日常出行,她的装扮并不显富贵,能极简就极简,沈修齐为她购置的那些高级珠宝她也很少佩戴,只有出席正式场合才会挑几件不夸张的用作点缀。平时她出门的行头里,看起来最贵的就是沈明彰送的那一堆爱马仕,不过这些包在她如今的社交圈子里算是标配,所以也没什么好值得注意的。宴会设在香山一处宅院,今宵听宋云舒说,那儿是江澈一位伯伯的祖产,因山中幽静,私密性高,时常会接待一些贵宾。此次杀青宴,若不是看在江澈这准一线的身份上,江澈的伯伯绝不肯将院子外借。这种私密性很高的地儿,今宵倒是跟着沈修齐去了不少,每家的厨子都有自己的看家本领,她常常能一饱口福。

到达停车场,有专人在入口处接待,今宵跟着进了院子,江澈正与几位主演在荷塘边谈笑喂鱼,见她进门,几位都跟着看了过来。这里头无人识得今宵,几位瞥她一眼就又收回了视线,只有江澈笑着朝她招了招手。

见状,她小跑了两步上前,那样子看着殷切得很,不知道的,还以为她是江澈的小粉丝,谁料近了前,却听江澈说:“可算是把咱今老板给盼来了。听到这话,几位才重新将今宵打量。

有人对这“老板"称呼疑惑,正想让江澈介绍,今宵自己开了口,说是《牡丹夜宴图》的画师,“老板”这称呼都是他们私下叫着玩儿的。没有过分透露身份的必要,江澈也不多说,一伸手便揽过了今宵肩膀,一脸与有荣焉地冲他们说:“厉害吧?今老板今年才大二,画得一手好画。”有人搭了腔,说没想到那么精巧的设计竟是出自一位20岁的年轻姑娘之手,果然是人不可貌相。

江澈与她介绍,说眼前这位是电影的特别出演,郑嘉泽,郑先生,港城人,是虹影娱乐的二公子。

今宵礼貌与他握了手,这时候导演出来叫人,那语调听起来,像是片场要开机,几位主演的基因都因导演一句话而动,今宵便也跟着他们进了室内。导演知晓今宵身份,特地安排今宵与他同桌,席间时不时就要将话题引到今宵这里,说是杀青宴,但他们这一桌的聊天内容基本围绕今宵展开。她聊画展,导演便说手头有好场地、有优秀策展人,可以随时与她见面洽谈,包能满意。

她谈艺术商业化,郑公子立马表示有奢牌艺术家合作系列可以为她引荐,若是顺利谈下,又能助她身价大涨。

她说学业,又有人愿意帮她牵线某国画大师。他们那架势,像是只要今宵愿意,当晚就能捧她出道,手头有什么资源都想给她招呼上。

今宵觉得很有趣。

这桌上知晓她身份的人并不多,因导演对她殷勤,别人也趋之若鹜,压根儿不管她是什么人,实力又如何,只是生怕落人下风,赶不上攀龙附凤的好机会她怔怔想,在这样滔天的权势之下还能保持初心,沈先生真的很了不起。大半场说下来,今宵口干舌燥,也在心中暗暗感叹,沈先生的势,果然不是谁都能借,他这身份过分贵重,送上门来的资源都是顶级,倘若她的实力不能与之匹配,丢得可是沈先生的脸。

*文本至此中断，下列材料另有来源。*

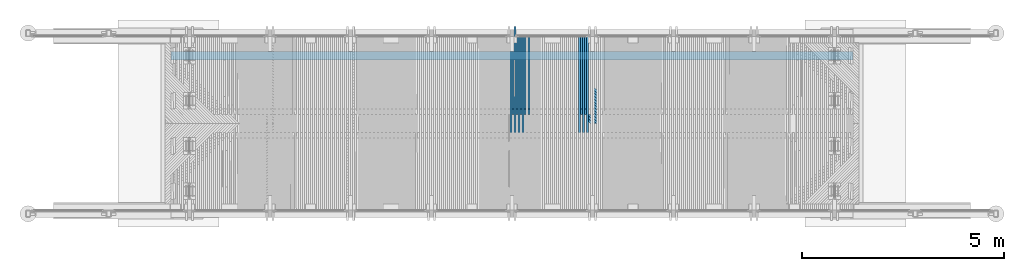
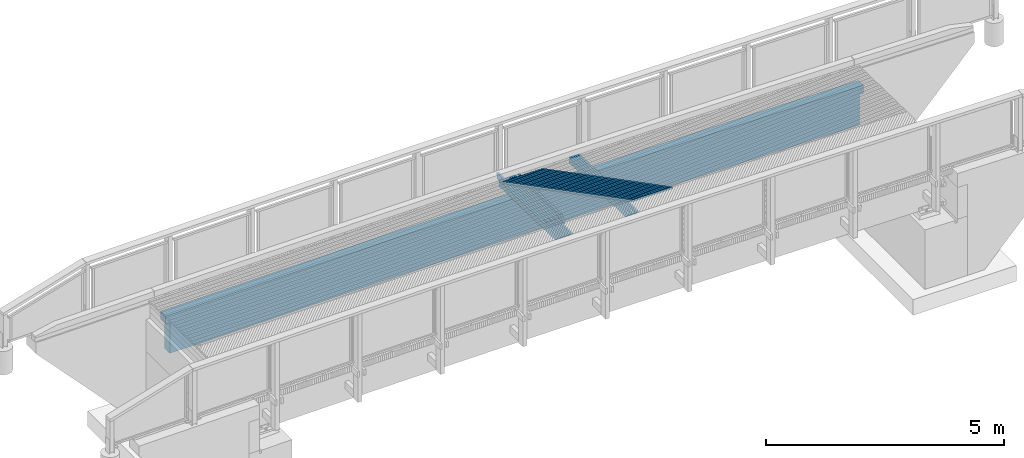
# One storey, part 35 of 65: 29 beams.
"""IFC2X3 building model written with IfcOpenShell, lengths in millimetres."""

from ifc_helpers import new_model, si_unit, frame, origin_with_axes, place, context, subcontext, project, spatial, faceted_brep, material, type_object, element, save


model = new_model("IFC2X3")

# Units and contexts
model_context = context("Model", 3, precision=1e-05, world=origin_with_axes())
body_context = subcontext(model_context, "Body", "Model", "MODEL_VIEW")
ifc_project = project(units=[si_unit("LENGTHUNIT", "METRE", prefix="MILLI"), si_unit("AREAUNIT", "SQUARE_METRE"), si_unit("VOLUMEUNIT", "CUBIC_METRE"), si_unit("MASSUNIT", "GRAM", prefix="KILO"), si_unit("TIMEUNIT", "SECOND"), si_unit("PLANEANGLEUNIT", "RADIAN"), si_unit("SOLIDANGLEUNIT", "STERADIAN"), si_unit("THERMODYNAMICTEMPERATUREUNIT", "DEGREE_CELSIUS"), si_unit("LUMINOUSINTENSITYUNIT", "LUMEN")], contexts=[model_context])

# Site, building, storey
site_placement = place(None, origin_with_axes())
site = spatial("IfcSite", under=ifc_project, at=site_placement, Name="Undefined", CompositionType="ELEMENT")
building_placement = place(site_placement, origin_with_axes())
building = spatial("IfcBuilding", under=site, at=building_placement, Name="Undefined", CompositionType="ELEMENT")
storey_placement = place(building_placement, origin_with_axes())
storey = spatial("IfcBuildingStorey", under=building, at=storey_placement, Name="Undefined", CompositionType="ELEMENT", Elevation=0.0)

# Beams
ifc_material = material(Name="TIMBER/Timber_Undefined")
beam_type_1 = type_object("IfcBeamType", Name="50*50", PredefinedType="NOTDEFINED")
for number, where, z_axis, x_axis, name in (
    (1, (10894.0405199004, 22365.4998996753, 3229.16691949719), (0.707044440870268, 0.706981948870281, -0.0162690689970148), (-0.707162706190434, 0.706948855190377, -0.0120092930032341), "BEAM"),
    (2, (10823.3170835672, 22365.4998996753, 3229.50270179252), (0.70704634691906, 0.706981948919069, -0.0161860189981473), (-0.707161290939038, 0.706948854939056, -0.0120923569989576), "BEAM"),
    (3, (10752.5936082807, 22365.4998996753, 3229.83017686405), (0.70704824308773, 0.706981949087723, -0.0161029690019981), (-0.707159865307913, 0.706948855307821, -0.0121754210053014), "BEAM"),
    (4, (10681.8700950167, 22365.4998996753, 3230.14934470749), (0.707050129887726, 0.706981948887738, -0.0160199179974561), (-0.707158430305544, 0.706948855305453, -0.0122584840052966), "BEAM"),
    (5, (10611.1465447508, 22365.4998996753, 3230.46020531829), (0.707052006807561, 0.70698194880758, -0.0159368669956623), (-0.707156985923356, 0.706948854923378, -0.0123415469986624), "BEAM"),
    (6, (10540.422958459, 22365.4998996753, 3230.76275869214), (0.707053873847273, 0.70698194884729, -0.0158538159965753), (-0.707155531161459, 0.706948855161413, -0.0124246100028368), "BEAM"),
    (7, (10469.6993371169, 22365.4998996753, 3231.05700482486), (0.707055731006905, 0.706981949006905, -0.0157707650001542), (-0.707154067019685, 0.706948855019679, -0.0125076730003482), "BEAM"),
    (8, (10398.9756817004, 22365.4998996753, 3231.34294371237), (0.707057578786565, 0.706981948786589, -0.0156877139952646), (-0.707152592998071, 0.706948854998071, -0.0125907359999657), "BEAM"),
    (9, (10328.2519931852, 22365.4998996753, 3231.62057535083), (0.707059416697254, 0.706981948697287, -0.0156046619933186), (-0.707151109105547, 0.706948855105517, -0.0126737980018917), "BEAM"),
    (10, (10257.5282725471, 22365.4998996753, 3231.88989973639), (0.707061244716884, 0.706981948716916, -0.0155216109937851), (-0.707149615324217, 0.706948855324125, -0.0127568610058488), "BEAM"),
    (11, (10186.8045207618, 22365.4998996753, 3232.15091686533), (0.707063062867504, 0.70698194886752, -0.0154385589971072), (-0.707148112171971, 0.706948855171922, -0.0128399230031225), "BEAM"),
    (12, (10116.0807388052, 22365.4998996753, 3232.40362673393), (0.707064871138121, 0.706981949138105, -0.0153555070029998), (-0.707146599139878, 0.706948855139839, -0.0129229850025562), "BEAM"),
    (13, (10045.356927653, 22365.4998996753, 3232.64802933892), (0.707066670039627, 0.706981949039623, -0.0152724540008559), (-0.707145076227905, 0.706948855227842, -0.0130060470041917), "BEAM"),
    (14, (9974.63308828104, 22365.4998996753, 3232.8841246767), (0.707068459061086, 0.706981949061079, -0.0151894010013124), (-0.707143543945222, 0.706948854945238, -0.0130891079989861), "BEAM"),
):
    element("IfcBeam", number, at=place(storey_placement, frame(where, z_axis=z_axis, x_axis=x_axis)), inside=storey, type_object=beam_type_1, material=ifc_material, Name=name, ObjectType="50*50", context=body_context, shape_type="Brep", body=[
        faceted_brep([(23.5869248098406, 24.9999999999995, -24.9999999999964), (-26.4154158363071, 24.9999999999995, 24.9999999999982), (2802.92643296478, 25.0, 25.0), (2852.92877373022, 25.0000000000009, -25.0), (-25.0011704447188, -25.0, 24.9999999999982), (2804.34067830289, -25.0, 25.0000000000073), (25.0011701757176, -25.0000000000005, -24.9999999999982), (2854.34301907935, -24.9999999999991, -25.0000000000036)], [[[0, 1, 2, 3]], [[1, 4, 5, 2]], [[4, 6, 7, 5]], [[6, 0, 3, 7]], [[5, 7, 3, 2]], [[6, 4, 1, 0]]]),
    ])
beam_type_2 = type_object("IfcBeamType", Name="150*50", PredefinedType="NOTDEFINED")
for number, where, z_axis, x_axis, name in (
    (15, (9875.54866800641, 24513.4953923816, 3090.22816959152), (0.00303469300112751, 0.0199960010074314, 0.999795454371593), (6.06930000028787e-05, -0.999800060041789, 0.0199959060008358), "BEAM"),
    (16, (9775.52909420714, 24513.4953923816, 3090.53149263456), (0.00286857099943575, 0.0199960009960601, 0.999795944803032), (5.73710000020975e-05, -0.999800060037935, 0.0199959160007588), "BEAM"),
):
    element("IfcBeam", number, at=place(storey_placement, frame(where, z_axis=z_axis, x_axis=x_axis)), inside=storey, type_object=beam_type_2, material=ifc_material, Name=name, ObjectType="150*50", context=body_context, shape_type="Brep", body=[
        faceted_brep([(-1.6778358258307e-07, -24.9999999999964, -74.9999999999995), (-1.6778358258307e-07, 25.0000000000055, -75.0), (2375.00494422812, 25.0000000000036, -75.0), (2375.00494447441, -24.9999999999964, -74.9999999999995), (1.67790858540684e-07, -24.9999999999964, 75.0000000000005), (1.67790858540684e-07, 25.0000000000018, 74.9999999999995), (2150.42515052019, 25.0000000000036, 74.9999999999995), (2510.59248715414, 25.0000000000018, 60.5875433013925), (2510.59248714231, -24.9999999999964, 60.5875430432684), (2150.42514405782, -24.9999999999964, 75.0000000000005)], [[[0, 1, 2, 3]], [[0, 4, 5, 1]], [[2, 1, 5, 6, 7]], [[3, 2, 7, 8]], [[4, 0, 3, 8, 9]], [[5, 4, 9, 6]], [[8, 7, 6, 9]]]),
    ])
beam_1_placement = place(storey_placement, frame((9825.54889674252, 24513.4953923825, 3090.37966862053), z_axis=(0.00303469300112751, 0.0199960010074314, 0.999795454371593), x_axis=(6.06930000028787e-05, -0.999800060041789, 0.0199959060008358)))
element("IfcBeam", 17, at=beam_1_placement, inside=storey, type_object=beam_type_2, material=ifc_material, Name="BEAM", ObjectType="150*50", context=body_context, shape_type="Brep", body=[
    faceted_brep([(-1.6778358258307e-07, -24.9999999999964, -74.9999999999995), (1.67790858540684e-07, -24.9999999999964, 75.0000000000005), (1.67790858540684e-07, 25.0000000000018, 74.9999999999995), (-1.6778358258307e-07, 25.0000000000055, -75.0), (1789.96936408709, 24.9999999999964, 75.0), (1928.42646328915, 24.9999999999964, -75.0), (1928.42646353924, -25.0, -75.0000000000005), (1789.96936433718, -25.0000000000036, 74.9999999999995)], [[[0, 1, 2, 3]], [[3, 2, 4, 5]], [[0, 3, 5, 6]], [[1, 0, 6, 7]], [[2, 1, 7, 4]], [[5, 4, 7, 6]]]),
])
beam_2_placement = place(storey_placement, frame((9675.50947138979, 24513.4953923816, 3090.81819688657), z_axis=(0.00270244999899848, 0.019996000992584, 0.999796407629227), x_axis=(5.40480000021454e-05, -0.999800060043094, 0.0199959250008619)))
element("IfcBeam", 18, at=beam_2_placement, inside=storey, type_object=beam_type_2, material=ifc_material, Name="BEAM", ObjectType="150*50", context=body_context, shape_type="Brep", body=[
    faceted_brep([(-1.6778358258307e-07, -24.9999999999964, -74.9999999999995), (-1.6778358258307e-07, 25.0000000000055, -75.0), (2375.00494422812, 25.0000000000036, -75.0), (2375.00494447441, -24.9999999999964, -74.9999999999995), (1.67790858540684e-07, -24.9999999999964, 75.0000000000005), (1.67790858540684e-07, 25.0000000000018, 74.9999999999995), (2150.42515052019, 25.0000000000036, 74.9999999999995), (2510.59248715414, 25.0000000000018, 60.5875433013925), (2510.59248714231, -24.9999999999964, 60.5875430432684), (2150.42514405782, -24.9999999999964, 75.0000000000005)], [[[0, 1, 2, 3]], [[0, 4, 5, 1]], [[2, 1, 5, 6, 7]], [[3, 2, 7, 8]], [[4, 0, 3, 8, 9]], [[5, 4, 9, 6]], [[8, 7, 6, 9]]]),
])
for number, where, z_axis, x_axis, name in (
    (19, (9725.52929846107, 24513.4953923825, 3090.67468393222), (0.00286857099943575, 0.0199960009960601, 0.999795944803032), (5.73710000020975e-05, -0.999800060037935, 0.0199959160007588), "BEAM"),
    (20, (8425.27119088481, 24513.4953923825, 3092.99757031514), (0.000708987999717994, 0.019996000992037, 0.999799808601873), (1.41790000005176e-05, -0.999800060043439, 0.0199959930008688), "BEAM"),
):
    element("IfcBeam", number, at=place(storey_placement, frame(where, z_axis=z_axis, x_axis=x_axis)), inside=storey, type_object=beam_type_2, material=ifc_material, Name=name, ObjectType="150*50", context=body_context, shape_type="Brep", body=[
        faceted_brep([(-1.6778358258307e-07, -24.9999999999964, -74.9999999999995), (1.67790858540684e-07, -24.9999999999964, 75.0000000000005), (1.67790858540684e-07, 25.0000000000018, 74.9999999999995), (-1.6778358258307e-07, 25.0000000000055, -75.0), (1789.96936408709, 24.9999999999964, 75.0), (1928.42646328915, 24.9999999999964, -75.0), (1928.42646353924, -25.0, -75.0000000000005), (1789.96936433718, -25.0000000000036, 74.9999999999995)], [[[0, 1, 2, 3]], [[3, 2, 4, 5]], [[0, 3, 5, 6]], [[1, 0, 6, 7]], [[2, 1, 7, 4]], [[5, 4, 7, 6]]]),
    ])
beam_3_placement = place(storey_placement, frame((8275.23115137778, 24513.4953923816, 3093.08707977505), z_axis=(0.000376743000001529, 0.0199960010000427, 0.999799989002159), x_axis=(7.53400000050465e-06, -0.999800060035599, 0.0199959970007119)))
element("IfcBeam", 21, at=beam_3_placement, inside=storey, type_object=beam_type_2, material=ifc_material, Name="BEAM", ObjectType="150*50", context=body_context, shape_type="Brep", body=[
    faceted_brep([(-1.6778358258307e-07, -24.9999999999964, -74.9999999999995), (-1.6778358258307e-07, 25.0000000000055, -75.0), (2375.00494422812, 25.0000000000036, -75.0), (2375.00494447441, -24.9999999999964, -74.9999999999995), (1.67790858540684e-07, -24.9999999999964, 75.0000000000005), (1.67790858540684e-07, 25.0000000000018, 74.9999999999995), (2150.42515052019, 25.0000000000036, 74.9999999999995), (2510.59248715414, 25.0000000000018, 60.5875433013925), (2510.59248714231, -24.9999999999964, 60.5875430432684), (2150.42514405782, -24.9999999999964, 75.0000000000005)], [[[0, 1, 2, 3]], [[0, 4, 5, 1]], [[2, 1, 5, 6, 7]], [[3, 2, 7, 8]], [[4, 0, 3, 8, 9]], [[5, 4, 9, 6]], [[8, 7, 6, 9]]]),
])
beam_4_placement = place(storey_placement, frame((8325.25117695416, 24513.4953923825, 3093.05992196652), z_axis=(0.000542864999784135, 0.019996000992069, 0.999799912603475), x_axis=(1.08570000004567e-05, -0.999800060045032, 0.0199959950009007)))
element("IfcBeam", 22, at=beam_4_placement, inside=storey, type_object=beam_type_2, material=ifc_material, Name="BEAM", ObjectType="150*50", context=body_context, shape_type="Brep", body=[
    faceted_brep([(-1.6778358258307e-07, -24.9999999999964, -74.9999999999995), (1.67790858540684e-07, -24.9999999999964, 75.0000000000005), (1.67790858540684e-07, 25.0000000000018, 74.9999999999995), (-1.6778358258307e-07, 25.0000000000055, -75.0), (1789.96936408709, 24.9999999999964, 75.0), (1928.42646328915, 24.9999999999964, -75.0), (1928.42646353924, -25.0, -75.0000000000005), (1789.96936433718, -25.0000000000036, 74.9999999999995)], [[[0, 1, 2, 3]], [[3, 2, 4, 5]], [[0, 3, 5, 6]], [[1, 0, 6, 7]], [[2, 1, 7, 4]], [[5, 4, 7, 6]]]),
])
beam_5_placement = place(storey_placement, frame((8175.21112464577, 24513.4953923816, 3093.12450147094), z_axis=(0.000210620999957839, 0.0199960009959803, 0.999800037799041), x_axis=(4.21200000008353e-06, -0.999800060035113, 0.0199959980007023)))
element("IfcBeam", 23, at=beam_5_placement, inside=storey, type_object=beam_type_2, material=ifc_material, Name="BEAM", ObjectType="150*50", context=body_context, shape_type="Brep", body=[
    faceted_brep([(-1.6778358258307e-07, -24.9999999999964, -74.9999999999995), (-1.6778358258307e-07, 25.0000000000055, -75.0), (2375.00494422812, 25.0000000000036, -75.0), (2375.00494447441, -24.9999999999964, -74.9999999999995), (1.67790858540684e-07, -24.9999999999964, 75.0000000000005), (1.67790858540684e-07, 25.0000000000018, 74.9999999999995), (2150.42515052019, 25.0000000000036, 74.9999999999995), (2510.59248715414, 25.0000000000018, 60.5875433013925), (2510.59248714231, -24.9999999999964, 60.5875430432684), (2150.42514405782, -24.9999999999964, 75.0000000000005)], [[[0, 1, 2, 3]], [[0, 4, 5, 1]], [[2, 1, 5, 6, 7]], [[3, 2, 7, 8]], [[4, 0, 3, 8, 9]], [[5, 4, 9, 6]], [[8, 7, 6, 9]]]),
])
for number, where, z_axis, x_axis, name in (
    (24, (8225.23115404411, 24513.4953923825, 3093.10565475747), (0.000376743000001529, 0.0199960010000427, 0.999799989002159), (7.53400000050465e-06, -0.999800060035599, 0.0199959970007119), "BEAM"),
    (25, (8125.21112491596, 24513.4953923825, 3093.13476868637), (0.000210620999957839, 0.0199960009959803, 0.999800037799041), (4.21200000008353e-06, -0.999800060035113, 0.0199959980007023), "BEAM"),
):
    element("IfcBeam", number, at=place(storey_placement, frame(where, z_axis=z_axis, x_axis=x_axis)), inside=storey, type_object=beam_type_2, material=ifc_material, Name=name, ObjectType="150*50", context=body_context, shape_type="Brep", body=[
        faceted_brep([(-1.6778358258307e-07, -24.9999999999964, -74.9999999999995), (1.67790858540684e-07, -24.9999999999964, 75.0000000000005), (1.67790858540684e-07, 25.0000000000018, 74.9999999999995), (-1.6778358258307e-07, 25.0000000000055, -75.0), (1789.96936408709, 24.9999999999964, 75.0), (1928.42646328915, 24.9999999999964, -75.0), (1928.42646353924, -25.0, -75.0000000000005), (1789.96936433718, -25.0000000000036, 74.9999999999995)], [[[0, 1, 2, 3]], [[3, 2, 4, 5]], [[0, 3, 5, 6]], [[1, 0, 6, 7]], [[2, 1, 7, 4]], [[5, 4, 7, 6]]]),
    ])
beam_6_placement = place(storey_placement, frame((7975.1710594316, 24513.4953923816, 3093.14948827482), z_axis=(-0.000121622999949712, 0.0199960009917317, 0.999800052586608), x_axis=(-2.43299999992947e-06, -0.999800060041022, 0.0199959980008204)))
element("IfcBeam", 26, at=beam_6_placement, inside=storey, type_object=beam_type_2, material=ifc_material, Name="BEAM", ObjectType="150*50", context=body_context, shape_type="Brep", body=[
    faceted_brep([(-1.6778358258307e-07, -24.9999999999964, -74.9999999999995), (-1.6778358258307e-07, 25.0000000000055, -75.0), (2375.00494422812, 25.0000000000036, -75.0), (2375.00494447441, -24.9999999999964, -74.9999999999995), (1.67790858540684e-07, -24.9999999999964, 75.0000000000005), (1.67790858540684e-07, 25.0000000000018, 74.9999999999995), (2150.42515052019, 25.0000000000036, 74.9999999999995), (2510.59248715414, 25.0000000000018, 60.5875433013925), (2510.59248714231, -24.9999999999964, 60.5875430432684), (2150.42514405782, -24.9999999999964, 75.0000000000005)], [[[0, 1, 2, 3]], [[0, 4, 5, 1]], [[2, 1, 5, 6, 7]], [[3, 2, 7, 8]], [[4, 0, 3, 8, 9]], [[5, 4, 9, 6]], [[8, 7, 6, 9]]]),
])
beam_7_placement = place(storey_placement, frame((8025.19109233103, 24513.4953923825, 3093.14726375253), z_axis=(4.44979999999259e-05, 0.0199960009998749, 0.999800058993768), x_axis=(8.90000000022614e-07, -0.999800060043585, 0.0199959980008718)))
element("IfcBeam", 27, at=beam_7_placement, inside=storey, type_object=beam_type_2, material=ifc_material, Name="BEAM", ObjectType="150*50", context=body_context, shape_type="Brep", body=[
    faceted_brep([(-1.6778358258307e-07, -24.9999999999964, -74.9999999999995), (1.67790858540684e-07, -24.9999999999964, 75.0000000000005), (1.67790858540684e-07, 25.0000000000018, 74.9999999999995), (-1.6778358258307e-07, 25.0000000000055, -75.0), (1789.96936408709, 24.9999999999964, 75.0), (1928.42646328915, 24.9999999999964, -75.0), (1928.42646353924, -25.0, -75.0000000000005), (1789.96936433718, -25.0000000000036, 74.9999999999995)], [[[0, 1, 2, 3]], [[3, 2, 4, 5]], [[0, 3, 5, 6]], [[1, 0, 6, 7]], [[2, 1, 7, 4]], [[5, 4, 7, 6]]]),
])
beam_8_placement = place(storey_placement, frame((8075.17061305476, 24771.443807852, 3087.98545943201), z_axis=(4.44979999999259e-05, 0.0199960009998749, 0.999800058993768), x_axis=(8.90000000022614e-07, -0.999800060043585, 0.0199959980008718)))
element("IfcBeam", 28, at=beam_8_placement, inside=storey, type_object=beam_type_2, material=ifc_material, Name="BEAM", ObjectType="150*50", context=body_context, shape_type="Brep", body=[
    faceted_brep([(-1.6778358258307e-07, -24.9999999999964, -74.9999999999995), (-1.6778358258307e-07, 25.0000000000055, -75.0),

如何追随沈先生的脚步往前走,大概会是她的一生课题。去了趟洗手间出来,有人等在游廊宫灯下,宽大白T加浅色牛仔裤,再配几样精巧的首饰,很是清爽时尚的打扮,是方才的郑公子。今宵走过去,嗅到他身上的酒气,他眸色轻晃,如身后荷塘微漾的水,唇边扬起笑容:“今宵小姐,能一起散个步醒醒酒吗?”今宵眉棱轻轻蹙起,下意识摸一摸左手无名指,上次她将戒指扔出去之后,便没再挑到合眼的,以至于她和沈修齐的指间都空荡荡,这时候想要当着人的面转一转戒指表示拒绝,也不太方便了。她笑着说:“外头蚊子太多了,我怕咬,先进去啦。”说完她就要走,结果郑公子一个横步拦到她面前,酒气也跟着扑到她脸上,她猛地后退了一步。

“一起聊聊工作不好吗?”

今宵还是礼貌笑着,但语气已经降了温:“郑先生,聊工作自然是要在适合工作的时间和场景。"她看了眼游廊之外的静谧园景,“这大晚上还拖着人聊工作,不太合适吧?”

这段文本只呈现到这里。